Combats

A l’aube du 23 juin 1916, Froideterre est encore à 1700 mètres de la première ligne contenue en avant de Thiaumont. Le fort de Vaux enlevé le 7 juin, les Allemands tentent un bond ultime et décisif sur la ligne Froideterre-Fleury-Souville, dernier verrou devant Verdun. A partir du 20 juin, ils procèdent à des bombardements massifs, avec des pièces de rupture (305 et 380) et des obus à gaz. Le 21 juin, c’est un véritable tir de démoliton qui laboure les dessus de l’ouvrage, comme en témoigne le journal du fort : « Violent bombardement toute la journée. 500 obus dont 100 de très gros calibre et vingt sur le casernement (…), le réseau de fil de fer est détruit. La grille n’existe plus. La superstructure est un véritable chaos, ainsi que la cour intérieure : les morts qui y sont ensevelis sont à tous moments déterrés et reportés plus loin, brassés dans la terre argileuse ».A l’intérieur de l’ouvrage, les conditions de survie des défenseurs sont devenues tragiques : «Les malades et les blessés étaient nombreux. Il était à peu près impossible de les évacuer par suite du bombardement presque continu. On vivait la plupart du temps dans l’obscurité, toutes les issues étant fermées et la lumière par bougies était très économisée. L’eau était très rare : elle était parcimonieusement tirée d’une citerne qui en contenait une certaine quantité, mais malsaine : il fallait la javelliser. L’air ne parvenait que par les quatre créneaux de mitrailleuses placés dans les portes d’accès ».

Les communications avec l’extérieur sont devenues impossibles. On entame les vivres de réserve et le port du masque à gaz est quasi permanent. Un 305 crève le plafond et le mur de la caserne, et le capitaine Dartigues, commandant de l’ouvrage, doit enrayer un début de panique, mais dans l’ensemble les bétonnages et les cuirassements sont préservés. Seule la tourelle de mitrailleuse droite, regardant vers le nord, reste coincée et ne peut plus pivoter.

Le 23 juin à 6 heures 30, l’assaut des bataillons bavarois submerge l’abri 320, l’ouvrage de Thiaumont, et progresse vers Froideterre, enlevant successivement les abris PC 118, PC 119 et PC 120.

Vers 8 heures, l’observatoire de la caserne repère des éléments avancés. L’ouvrage, sous une pluie d’obus, est alors mis en défense.
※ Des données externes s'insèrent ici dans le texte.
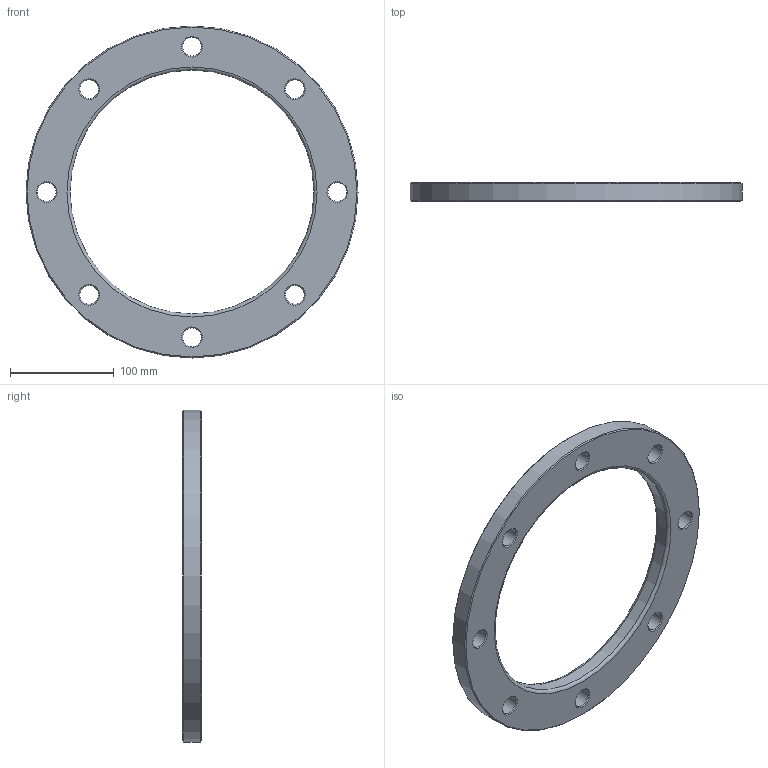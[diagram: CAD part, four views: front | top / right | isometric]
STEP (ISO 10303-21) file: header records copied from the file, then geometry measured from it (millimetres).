
FILE_DESCRIPTION(/* description */ ('Unknown'),/* implementation_level */ '2;1');
FILE_NAME(/* name */ 'FZ200A',/* time_stamp */ '2021-03-13T11:20:14+01:00',/* author */ ('Unknown'),/* organization */ ('Unknown'),/* preprocessor_version */ 'ST-DEVELOPER v16.7',/* originating_system */ 'Solid Edge',/* authorisation */ 'Unknown');
FILE_SCHEMA (('AUTOMOTIVE_DESIGN {1 0 10303 214 3 1 1}'));
Length unit declared in the file: millimetre
Products named in the file (1): FZ200A
Bounding box: 320 x 18 x 320 mm (x, y, z)
Volume: 625936.9 mm3; surface area: 105975.5 mm2
Topology: 1 solids, 1 shells, 32 faces, 94 edges, 64 vertices
Faces by surface type: cone 18, cylinder 10, plane 2, torus 2
Full cylindrical faces by diameter (mm): 18 x8, 235 x1, 320 x1
Entity records: 790 total; most frequent: DIRECTION 146, CARTESIAN_POINT 113, ORIENTED_EDGE 80, EDGE_LOOP 80, FACE_BOUND 80, AXIS2_PLACEMENT_3D 73, EDGE_CURVE 40, VERTEX_POINT 40

Vers 9 heures 30, le bombardement cesse, les tirs s’allongent pour empêcher l’acheminement des renforts.  Les Allemands abordent le glacis sans résistance car la tourelle de mitrailleuse coincée ne peut les pointer. Contournant l’ouvrage, ils se présentent à l’entrée où les mitrailleurs du bloc de 75, postés dans l’enfilade du chemin d’accès, les arrêtent. Ils grimpent alors sur la caserne et jettent des grenades dans la brèche du 21 juin : un dépôt de fusées explose et les fait évacuer des dessus, qu’ils croient alors minés et prêts à sauter. Ils campent alors leurs positions dans les entonnoirs de la cour. C’est alors que la tourelle de 75 les crible de projectiles en tirant des boites à mitraille et les contraint au repli. Il est alors 11 heures. Les fusées de signalisation ayant brûlé, privé de liaison optique, un coureur file vers l’arrière pour signaler la situation critique et demander la contre-attaque.

Celle-ci viendra vers midi, forçant finalement les Allemands à abandonner l’ouvrage et à se replier sur près de 600 mètres sous le feu des tourelles de Froideterre. Au soir du 23 juin, qui dès lors marquera la date anniversaire de la Bataille de Verdun, l’assaut est donc contenu par le sacrifice de nombreuses unités et la résistance des fortifications de Froideterre.